Bennett saw a better way. He put butter on the griddle, took a box grater and grated the potato right onto the griddle, one order at a time. “It cooked faster, got nice and brown and it didn’t take the heat away from the griddle. We started calling them hash browns.”

Now the hash browns from the Pharmacy grill are the stuff of lore on Yelp and TripAdvisor. But a warning to those who would try to reproduce this made-to-order delicacy at home — in 24 years, Bennett said he’s had rotator cuff surgery on both shoulders from grating potatoes.

“I have cooked for king and country,” Bennett said. Ewan McGregor, Matt Dillon and the B-52s have sat cheek by jowl with the guy who orders a bacon, egg, and cheese on Monday, Wednesday and Friday, and sausage, egg and cheese on Tuesday and Thursday. Saturday his order is a breakfast platter with hash browns.

In 1997, Bennett was a member of the team that won the men’s bowling championship at the American Legion. Teammate Bob Rescigno invited everyone over to celebrate with a dinner of his wife’s homemade pizza and sausage bread. While eating pizza on the deck, Bennett met Bob’s daughter, Robin Rescigno.

They married three years later.

Bennett and Robin live in the same house where they met. ChiChiLee, their friendly and affectionate mutt keeps close by, and for Robin’s birthday every year, Bennett makes a lobster BLT on a toasted Kaiser roll and a fresh-squeezed watermelon juice cocktail. They’ll celebrate their anniversary this year in Maui, where they honeymooned 18 years ago.

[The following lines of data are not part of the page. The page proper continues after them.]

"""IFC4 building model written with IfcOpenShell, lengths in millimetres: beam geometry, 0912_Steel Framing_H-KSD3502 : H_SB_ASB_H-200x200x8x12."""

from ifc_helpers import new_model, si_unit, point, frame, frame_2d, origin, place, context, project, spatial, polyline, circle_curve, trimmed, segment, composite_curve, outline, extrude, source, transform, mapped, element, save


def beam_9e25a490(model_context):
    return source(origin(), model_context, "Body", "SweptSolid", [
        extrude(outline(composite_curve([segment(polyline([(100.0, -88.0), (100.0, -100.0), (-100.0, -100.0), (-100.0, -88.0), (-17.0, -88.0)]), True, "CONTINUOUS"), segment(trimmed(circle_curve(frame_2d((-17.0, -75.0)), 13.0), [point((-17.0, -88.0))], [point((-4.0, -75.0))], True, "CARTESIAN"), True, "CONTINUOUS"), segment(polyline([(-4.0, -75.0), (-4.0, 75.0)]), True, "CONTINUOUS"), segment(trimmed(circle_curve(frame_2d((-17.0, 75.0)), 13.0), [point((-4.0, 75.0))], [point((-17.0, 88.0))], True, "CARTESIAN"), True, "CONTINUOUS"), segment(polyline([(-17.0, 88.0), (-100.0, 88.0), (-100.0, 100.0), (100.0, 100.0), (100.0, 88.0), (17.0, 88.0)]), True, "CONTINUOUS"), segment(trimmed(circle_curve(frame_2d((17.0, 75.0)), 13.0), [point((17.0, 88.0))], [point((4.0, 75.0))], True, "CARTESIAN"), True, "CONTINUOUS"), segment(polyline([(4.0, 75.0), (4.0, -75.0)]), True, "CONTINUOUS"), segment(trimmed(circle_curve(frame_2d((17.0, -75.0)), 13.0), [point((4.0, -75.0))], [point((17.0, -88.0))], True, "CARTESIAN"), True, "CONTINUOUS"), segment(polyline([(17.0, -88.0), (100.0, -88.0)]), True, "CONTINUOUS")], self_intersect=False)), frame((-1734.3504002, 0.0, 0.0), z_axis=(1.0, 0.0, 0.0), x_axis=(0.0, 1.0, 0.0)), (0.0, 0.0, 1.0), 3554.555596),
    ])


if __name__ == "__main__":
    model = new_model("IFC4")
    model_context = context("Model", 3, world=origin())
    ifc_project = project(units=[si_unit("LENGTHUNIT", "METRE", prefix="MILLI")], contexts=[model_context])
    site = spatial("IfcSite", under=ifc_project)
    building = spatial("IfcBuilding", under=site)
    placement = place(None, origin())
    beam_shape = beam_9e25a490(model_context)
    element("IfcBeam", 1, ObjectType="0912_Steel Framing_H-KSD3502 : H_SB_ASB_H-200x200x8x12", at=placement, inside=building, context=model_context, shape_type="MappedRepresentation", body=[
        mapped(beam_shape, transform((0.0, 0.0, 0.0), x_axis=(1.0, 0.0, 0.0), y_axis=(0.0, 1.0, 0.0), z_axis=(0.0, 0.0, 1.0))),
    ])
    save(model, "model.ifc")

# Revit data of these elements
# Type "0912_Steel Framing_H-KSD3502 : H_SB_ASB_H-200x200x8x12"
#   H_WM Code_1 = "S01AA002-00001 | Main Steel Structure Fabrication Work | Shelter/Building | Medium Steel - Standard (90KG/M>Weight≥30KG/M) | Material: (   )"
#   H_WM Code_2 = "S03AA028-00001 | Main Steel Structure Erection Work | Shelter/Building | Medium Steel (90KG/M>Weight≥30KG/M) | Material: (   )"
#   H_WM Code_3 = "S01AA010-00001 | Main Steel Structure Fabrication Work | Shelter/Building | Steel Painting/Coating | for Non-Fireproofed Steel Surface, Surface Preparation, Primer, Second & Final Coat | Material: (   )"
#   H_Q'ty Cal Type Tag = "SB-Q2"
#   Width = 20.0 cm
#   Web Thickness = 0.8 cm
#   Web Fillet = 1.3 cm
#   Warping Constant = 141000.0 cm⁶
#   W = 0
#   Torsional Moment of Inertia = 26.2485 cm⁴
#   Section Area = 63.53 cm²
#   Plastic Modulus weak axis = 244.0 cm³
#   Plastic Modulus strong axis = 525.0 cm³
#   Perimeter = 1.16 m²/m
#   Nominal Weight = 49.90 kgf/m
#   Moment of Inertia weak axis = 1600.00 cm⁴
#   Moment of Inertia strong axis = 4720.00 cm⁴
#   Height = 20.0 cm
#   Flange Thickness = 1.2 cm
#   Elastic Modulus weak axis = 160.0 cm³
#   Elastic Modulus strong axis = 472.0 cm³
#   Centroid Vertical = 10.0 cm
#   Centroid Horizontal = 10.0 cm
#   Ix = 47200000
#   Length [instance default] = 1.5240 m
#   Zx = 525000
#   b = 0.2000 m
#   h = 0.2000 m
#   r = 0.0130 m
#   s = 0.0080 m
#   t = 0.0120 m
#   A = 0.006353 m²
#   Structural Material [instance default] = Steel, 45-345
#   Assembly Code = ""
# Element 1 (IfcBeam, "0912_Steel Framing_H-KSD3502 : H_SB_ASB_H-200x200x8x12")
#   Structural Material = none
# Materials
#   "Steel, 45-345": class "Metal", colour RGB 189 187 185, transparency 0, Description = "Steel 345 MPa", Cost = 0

Bennett figures he’s fed several generations of Islanders. He takes deep satisfaction in seeing the cycle of Island life play out. “I’ve watched a kid graduate from high school, graduate from college, get a girlfriend, get married and now their kids are engaged to be married,” he said. “A lot of happiness comes with my job.”

Lightning Round

What do you always have with you? A book of photos.

Favorite place on Shelter Island? The golf course at the Shelter Island Country Club.

Favorite place not on Shelter Island? Maui.

What exasperates you? The way people drive. The recklessness.

When was the last time you were afraid? December 2011 for my second cervical spine surgery.

What is the best day of the year on Shelter Island? A day in October, when it’s cooler and the leaves are changing and it’s our anniversary.

Favorite movie or book? “Casablanca.”

Favorite food? Veal or Chicken Caprina, a thin cutlet with prosciutto and mozzarella — the recipe is from Villa Paul in Hampton Bays.

Favorite person, living or dead, who is not a member of the family? Robert (Bob) Rescigno, my late father-in-law.